Woche der Diakonie: Statement Oberkirchenrat Dieter Kaufmann
"Weil jeder von uns einmal Hilfe braucht."
..vom ersten Schritt in die Welt bis zum Abschied von dieser Welt in unterschiedlicher Intensität.
Statement von Oberkirchenrat Dieter Kaufmann
Vorstandsvorsitzender des Diakonischen Werks Württemberg
Ein Menschenkind erblickt das Licht der Welt. Egal ob in Stuttgart, London oder Timbuktu – es ist ein kleines hilfloses Wesen. Eltern sorgen – wenn es gut läuft! – für ihre Kinder und bereiten sie auf das eigenständige Leben vor. Irgendwann werden die Kinder selbst Kinder haben und diejenigen sein, die sich kümmern. Und die Fürsorge und Hilfe für ihre älter werdenden Eltern aufbringen. Oft geht das nicht ohne Unterstützung von außen.
Kaum ein Lebensweg verläuft glatt. Da ist die Scheidung, und der verlassene Partner braucht Trost und eine Schulter zum Anlehnen. Der Ernährer verliert seine Arbeit. Ebenso dringend wie einen neuen Job braucht er menschliche Zuwendung und Unterstützung. Der regelmäßig betrunkene 15-Jährige braucht eine Perspektive und einen Halt im Leben. Die Nachbarin mit dem gebrochenen Bein braucht jeden Tag eine warme Mahlzeit und Hilfe im Haushalt. Die Beispiele sind unendlich und zeigen auf: Der Mensch allein kann nicht. Er ist ein soziales Wesen und auf die Interaktion mit anderen angewiesen. Die Gemeinschaft gibt Sicherheit.

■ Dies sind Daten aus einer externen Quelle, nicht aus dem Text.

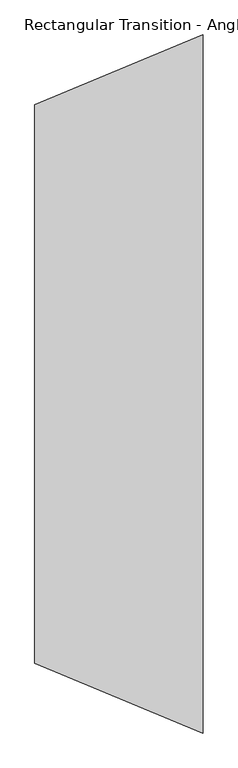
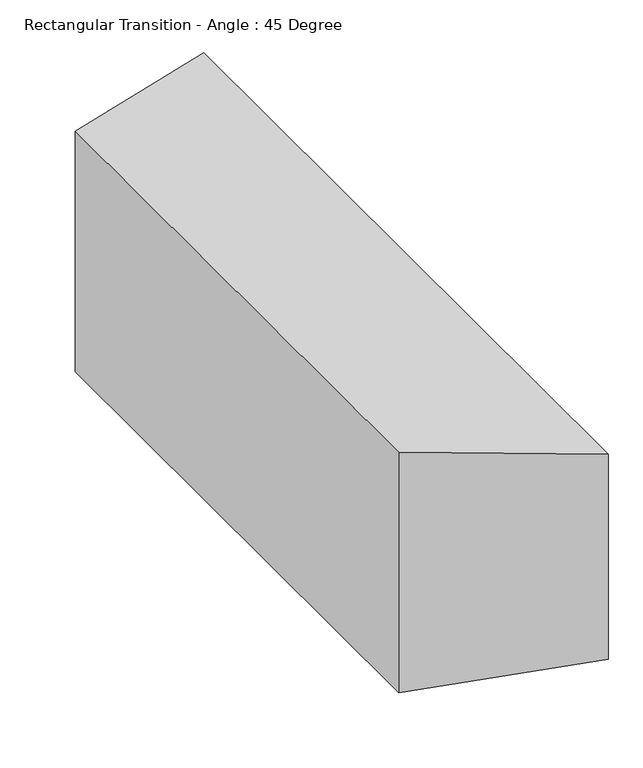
"""IFC4 building model written with IfcOpenShell, lengths in millimetres: duct fitting geometry, Rectangular Transition - Angle : 45 Degree."""

from ifc_helpers import new_model, si_unit, origin, place, context, project, spatial, faceted_brep, source, transform, mapped, element, save


def rectangular_transition_angle_45_degree_32a00531(model_context):
    return source(origin(), model_context, "Body", "Brep", [
        faceted_brep([(337.2656347, -698.5, 215.9), (337.2656347, -698.5, -215.9), (337.2656347, 698.5, -215.9), (337.2656347, 698.5, 215.9), (0.0, -558.8, 254.0), (0.0, 558.8, 254.0), (0.0, 558.8, -254.0), (0.0, -558.8, -254.0)], [[[0, 1, 2, 3]], [[4, 5, 6, 7]], [[4, 7, 1, 0]], [[7, 6, 2, 1]], [[6, 5, 3, 2]], [[5, 4, 0, 3]]]),
    ])


if __name__ == "__main__":
    model = new_model("IFC4")
    model_context = context("Model", 3, world=origin())
    ifc_project = project(units=[si_unit("LENGTHUNIT", "METRE", prefix="MILLI")], contexts=[model_context])
    site = spatial("IfcSite", under=ifc_project)
    building = spatial("IfcBuilding", under=site)
    placement = place(None, origin())
    rectangular_transition_angle_45_degree_shape = rectangular_transition_angle_45_degree_32a00531(model_context)
    element("IfcDuctFitting", 1, ObjectType="Rectangular Transition - Angle : 45 Degree", at=placement, inside=building, context=model_context, shape_type="MappedRepresentation", body=[
        mapped(rectangular_transition_angle_45_degree_shape, transform((0.0, 0.0, 0.0), x_axis=(1.0, 0.0, 0.0), y_axis=(0.0, 1.0, 0.0), z_axis=(0.0, 0.0, 1.0))),
    ])
    save(model, "model.ifc")

Menschen benötigen jeden Tag Hilfe – und erhalten sie. Die Diakonie setzt sich dafür ein, dass jeder Mensch mit jedem Anliegen und jedem Bedarf eine Anlaufstelle hat. 75.000 hauptamtliche Mitarbeitende der Diakonie in Baden-Württemberg haben ein engmaschiges Netz der Hilfe geknüpft und vermitteln bei Bedarf. Rund 45.000 ehrenamtlich Mitarbeitende verstärken dieses Netz. Sie bringen ihr Fachwissen, ihr Engagement und ihre Menschlichkeit ein. Sie praktizieren Nächstenliebe. In der Hausaufgabenhilfe, der Flüchtlingsarbeit, Alten- und Krankenpflege, im Hospiz usw.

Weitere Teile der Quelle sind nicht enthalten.